Collect the lines of the entries where "UNSPECIFIED" shows up.
┌──
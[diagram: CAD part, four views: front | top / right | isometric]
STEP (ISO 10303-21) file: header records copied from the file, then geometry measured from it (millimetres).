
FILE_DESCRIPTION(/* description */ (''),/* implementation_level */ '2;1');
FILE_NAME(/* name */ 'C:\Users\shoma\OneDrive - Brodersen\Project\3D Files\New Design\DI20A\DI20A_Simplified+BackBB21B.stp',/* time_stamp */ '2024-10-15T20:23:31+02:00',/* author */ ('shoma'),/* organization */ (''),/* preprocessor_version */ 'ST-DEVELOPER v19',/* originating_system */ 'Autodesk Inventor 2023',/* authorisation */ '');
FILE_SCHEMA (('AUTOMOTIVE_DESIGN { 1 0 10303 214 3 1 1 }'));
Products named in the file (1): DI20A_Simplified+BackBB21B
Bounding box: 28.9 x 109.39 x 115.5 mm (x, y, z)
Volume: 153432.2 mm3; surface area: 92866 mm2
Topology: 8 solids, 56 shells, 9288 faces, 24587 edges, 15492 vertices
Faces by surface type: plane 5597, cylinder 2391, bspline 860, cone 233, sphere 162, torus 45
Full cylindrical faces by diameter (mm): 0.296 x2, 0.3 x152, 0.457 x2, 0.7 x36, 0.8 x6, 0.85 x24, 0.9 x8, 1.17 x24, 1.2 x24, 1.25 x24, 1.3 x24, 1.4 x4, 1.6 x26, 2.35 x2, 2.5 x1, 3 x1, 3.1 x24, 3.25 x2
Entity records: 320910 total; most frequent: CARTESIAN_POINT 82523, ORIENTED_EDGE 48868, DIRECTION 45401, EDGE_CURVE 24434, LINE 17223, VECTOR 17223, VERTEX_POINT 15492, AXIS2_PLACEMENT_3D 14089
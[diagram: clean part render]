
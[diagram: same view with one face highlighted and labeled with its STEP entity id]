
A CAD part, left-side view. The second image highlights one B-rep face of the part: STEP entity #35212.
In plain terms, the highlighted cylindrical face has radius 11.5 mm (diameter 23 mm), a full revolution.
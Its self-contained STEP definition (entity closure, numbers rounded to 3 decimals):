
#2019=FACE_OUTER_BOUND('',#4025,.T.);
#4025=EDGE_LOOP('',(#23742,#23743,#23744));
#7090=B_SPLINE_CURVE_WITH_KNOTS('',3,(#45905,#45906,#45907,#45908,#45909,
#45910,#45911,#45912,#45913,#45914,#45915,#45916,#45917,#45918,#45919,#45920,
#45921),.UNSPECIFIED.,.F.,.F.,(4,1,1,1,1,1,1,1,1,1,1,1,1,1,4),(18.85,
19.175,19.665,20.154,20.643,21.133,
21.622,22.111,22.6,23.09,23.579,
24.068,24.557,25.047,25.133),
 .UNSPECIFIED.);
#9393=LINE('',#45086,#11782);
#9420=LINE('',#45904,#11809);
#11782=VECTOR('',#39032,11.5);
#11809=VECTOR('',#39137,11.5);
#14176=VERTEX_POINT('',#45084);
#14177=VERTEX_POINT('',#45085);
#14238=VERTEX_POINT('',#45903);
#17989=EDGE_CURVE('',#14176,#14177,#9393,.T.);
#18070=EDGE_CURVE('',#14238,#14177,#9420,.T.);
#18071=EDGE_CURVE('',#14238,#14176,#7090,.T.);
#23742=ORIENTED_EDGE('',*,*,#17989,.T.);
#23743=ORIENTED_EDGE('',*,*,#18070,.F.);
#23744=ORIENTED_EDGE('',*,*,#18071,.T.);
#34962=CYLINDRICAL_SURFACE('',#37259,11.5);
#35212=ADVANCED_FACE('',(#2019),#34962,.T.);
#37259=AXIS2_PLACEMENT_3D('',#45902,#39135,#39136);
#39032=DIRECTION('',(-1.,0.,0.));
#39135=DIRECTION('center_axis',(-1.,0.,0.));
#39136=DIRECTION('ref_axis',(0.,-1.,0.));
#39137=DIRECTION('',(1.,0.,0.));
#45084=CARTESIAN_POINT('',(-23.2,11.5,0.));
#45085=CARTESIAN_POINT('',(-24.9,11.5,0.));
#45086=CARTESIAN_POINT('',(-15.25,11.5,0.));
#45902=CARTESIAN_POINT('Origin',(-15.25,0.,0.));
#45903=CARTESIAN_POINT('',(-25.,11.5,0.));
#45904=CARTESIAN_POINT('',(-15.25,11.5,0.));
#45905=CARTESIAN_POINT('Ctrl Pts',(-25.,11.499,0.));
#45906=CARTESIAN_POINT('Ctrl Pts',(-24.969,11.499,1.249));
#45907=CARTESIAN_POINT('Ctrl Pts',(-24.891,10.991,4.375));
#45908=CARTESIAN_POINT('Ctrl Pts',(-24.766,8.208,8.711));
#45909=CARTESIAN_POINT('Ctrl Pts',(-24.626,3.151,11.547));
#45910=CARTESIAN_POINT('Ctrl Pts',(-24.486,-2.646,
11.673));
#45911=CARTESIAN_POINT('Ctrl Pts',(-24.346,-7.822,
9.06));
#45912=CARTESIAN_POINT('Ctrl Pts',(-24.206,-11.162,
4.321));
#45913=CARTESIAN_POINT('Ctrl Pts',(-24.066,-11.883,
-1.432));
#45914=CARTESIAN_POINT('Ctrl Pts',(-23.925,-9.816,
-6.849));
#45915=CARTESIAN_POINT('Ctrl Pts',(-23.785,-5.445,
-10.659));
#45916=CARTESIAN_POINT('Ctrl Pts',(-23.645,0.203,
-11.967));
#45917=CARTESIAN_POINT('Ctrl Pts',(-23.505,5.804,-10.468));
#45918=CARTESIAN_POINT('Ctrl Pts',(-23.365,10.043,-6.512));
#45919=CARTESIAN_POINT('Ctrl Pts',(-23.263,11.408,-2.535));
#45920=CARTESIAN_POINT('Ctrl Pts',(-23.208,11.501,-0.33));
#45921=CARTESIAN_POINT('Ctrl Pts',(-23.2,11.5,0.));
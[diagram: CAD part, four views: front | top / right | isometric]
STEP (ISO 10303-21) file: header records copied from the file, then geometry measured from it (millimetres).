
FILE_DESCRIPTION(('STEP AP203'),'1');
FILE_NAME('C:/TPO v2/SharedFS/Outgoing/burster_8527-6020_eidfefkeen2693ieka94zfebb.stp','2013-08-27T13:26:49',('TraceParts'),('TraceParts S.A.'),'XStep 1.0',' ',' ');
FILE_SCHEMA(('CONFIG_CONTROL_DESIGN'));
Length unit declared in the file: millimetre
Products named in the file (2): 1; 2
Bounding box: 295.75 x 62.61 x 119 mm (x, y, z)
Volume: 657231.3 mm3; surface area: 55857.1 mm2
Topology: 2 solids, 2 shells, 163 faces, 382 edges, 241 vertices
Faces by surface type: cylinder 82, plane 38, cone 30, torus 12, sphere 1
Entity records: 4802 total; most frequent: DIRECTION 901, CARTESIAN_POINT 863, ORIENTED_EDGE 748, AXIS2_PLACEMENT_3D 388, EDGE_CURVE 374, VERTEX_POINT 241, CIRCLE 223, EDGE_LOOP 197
└──
RESULT BELOW —
#45921),.UNSPECIFIED.,.F.,.F.,(4,1,1,1,1,1,1,1,1,1,1,1,1,1,4),(18.85,
 .UNSPECIFIED.);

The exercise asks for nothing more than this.